Friday, March 28, 2008

Rapid drop in IQ of Thai children.

There is this idea that the world is getting smarter, due to the Flynn Effect. This was so, superficially, for several decades, as children simply got better at taking IQ tests. Yet, at the same time, there was evidence of dysgenic change - that is the increasing frequency of poorer genetic endowments, in comparison to better ones. Quite simply, average performance on tests was improving (perhaps due to more exposure to such tasks), but the underlying genetic quality was in decline. This has been so for a very long time...in the West since the 19th century, at the least.

The problem is that smarter people tend to have fewer kids, since they tend to be the ones focussed on careers and personal ambitions, delaying families and ultimately having smaller ones. This has long been so.

Recent studies are showing a very different trend in the intellectual function of today's children, than the legend of the Flynn Effect suggests. A King's College London study that I referred to in another post, proved a 25% drop in cognitive function (it wasn't an IQ test, as such), in children of the same age compared across 15 years. That was a very disturbing result. Is this a British problem, or a global problem?

Well, a 2002 study performed in Thailand indicates that the problem is not localized.

In 1997 the average IQ of Thai children was 96.5 in Bangkok, 92.3 in the central region, 87.9 in the North. Five years later, in 2002, the figures were 94.6 in Bangkok, 88.8 in the central region and 84.2 in the North.

The children in both groups were 6 to 12 years old. Clearly, this is a very marked change in so short a time.

Should this trend continue for long, it would deletriously affect the whole future of the Thai nation. It would only be a matter of decades before the country would completely lack the mental wherewithal to perform many important functions at all. Where will the doctors come from? The scientists? The engineers? A small shift in mean iq greatly reduces the numbers of the gifted and talented - much more so than is widely realized.

It is likely that other countries face the same problem: the decline in intelligence of their children. I will try to gather relevant figures.

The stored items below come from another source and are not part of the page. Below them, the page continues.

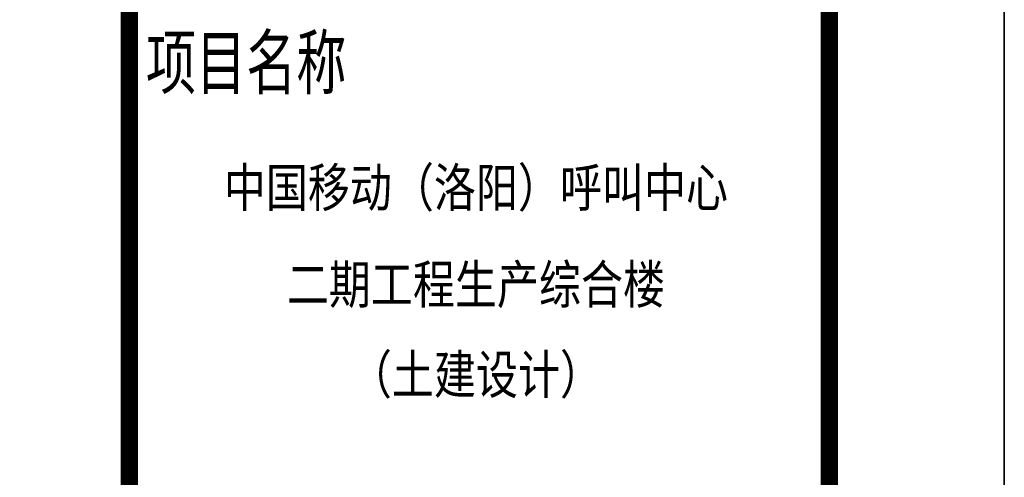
# Model space of a CAD drawing. Extents: x 1109697 to 1467097, y -139975 to 53891.
# Tile 248 of 256: x 1356371 to 1361997, y -66364 to -63746. Entities that reach past the tile are written whole.
import ezdxf
from ezdxf.enums import TextEntityAlignment as Align

# ---------------------------------------------------------------- set-up
doc = ezdxf.new("R2010")
doc.units = 0
doc.header["$LTSCALE"] = 1000
doc.header["$MEASUREMENT"] = 0
doc.layers.add('PUB_TEXT', color=7, linetype='Continuous')
doc.layers.add('PUB_TITLE', color=4, linetype='Continuous')
doc.layers.add('图框', color=4, linetype='Continuous', lineweight=35)
doc.styles.add('-黑体', font='simhei.ttf', dxfattribs={"width": 0.8})

# ---------------------------------------------------------------- blocks, each defined once
blk = doc.blocks.new('图签01')
at = {"layer": '图框', "style": '-黑体', "width": 0.7}
blk.add_text('项目名称', height=300, dxfattribs=at).set_placement((1793978.5, 91741.2))
at = {"layer": '图框', "style": '-黑体', "width": 0.8}
for s, height, p in [('中国移动（洛阳）呼叫中心', 220.011, (1795863.8, 91064.8)), ('二期工程生产综合楼', 220.01, (1795863.8, 90510.8)), ('（土建设计）', 220.01, (1795863.8, 89995.8))]:
    blk.add_text(s, height=height, dxfattribs=at).set_placement(p, align=Align.CENTER)

msp = doc.modelspace()

# ---------------------------------------------------------------- linework, layer by layer
at = {"layer": 'PUB_TITLE'}
for points in [[(1277897, -74118.9), (1361997, -74118.9), (1361997, -14718.9), (1277897, -14718.9)], [(1361997, -74118.9), (1446097, -74118.9), (1446097, -14718.9), (1361997, -14718.9)]]:
    msp.add_lwpolyline(points, close=True, dxfattribs=at)
at = {"layer": 'PUB_TITLE', "const_width": 100}
msp.add_lwpolyline([(1280397, -73118.9), (1360997, -73118.9), (1360997, -15718.9), (1280397, -15718.9)], close=True, dxfattribs=at)
msp.add_lwpolyline([(1356997, -15718.9), (1356997, -73118.9)], dxfattribs=at)

# ---------------------------------------------------------------- block references
at = {"layer": 'PUB_TEXT'}
msp.add_blockref('图签01', (-436886, -155881.3), dxfattribs=at)

doc.saveas('drawing.dxf')

From this data, and the King's College data, the futures of Britain and Thailand promise to be very different from their presents. It is a difference no-one would welcome.

The question is: is this a completely global decline?

I really hope not.

However, I worry that it is - because the social forces that lead to just such a decline are common to all countries.

The future may not be as bright (in every sense of the word) as many people think...

(If you would like to learn more of Ainan Celeste Cawley, a scientific child prodigy, aged eight years and one month, or his gifted brothers, Fintan, four years and seven months, and Tiarnan, two years exactly, please go to: http://scientific-child-prodigy.blogspot.com/2006/10/scientific-child-prodigy-guide.html I also write of gifted education, IQ, intelligence, the Irish, the Malays, Singapore, College, University, Chemistry, Science, genetics, left-handedness, precocity, child prodigy, child genius, baby genius, adult genius, savant, gifted adults and gifted children in general. Thanks.)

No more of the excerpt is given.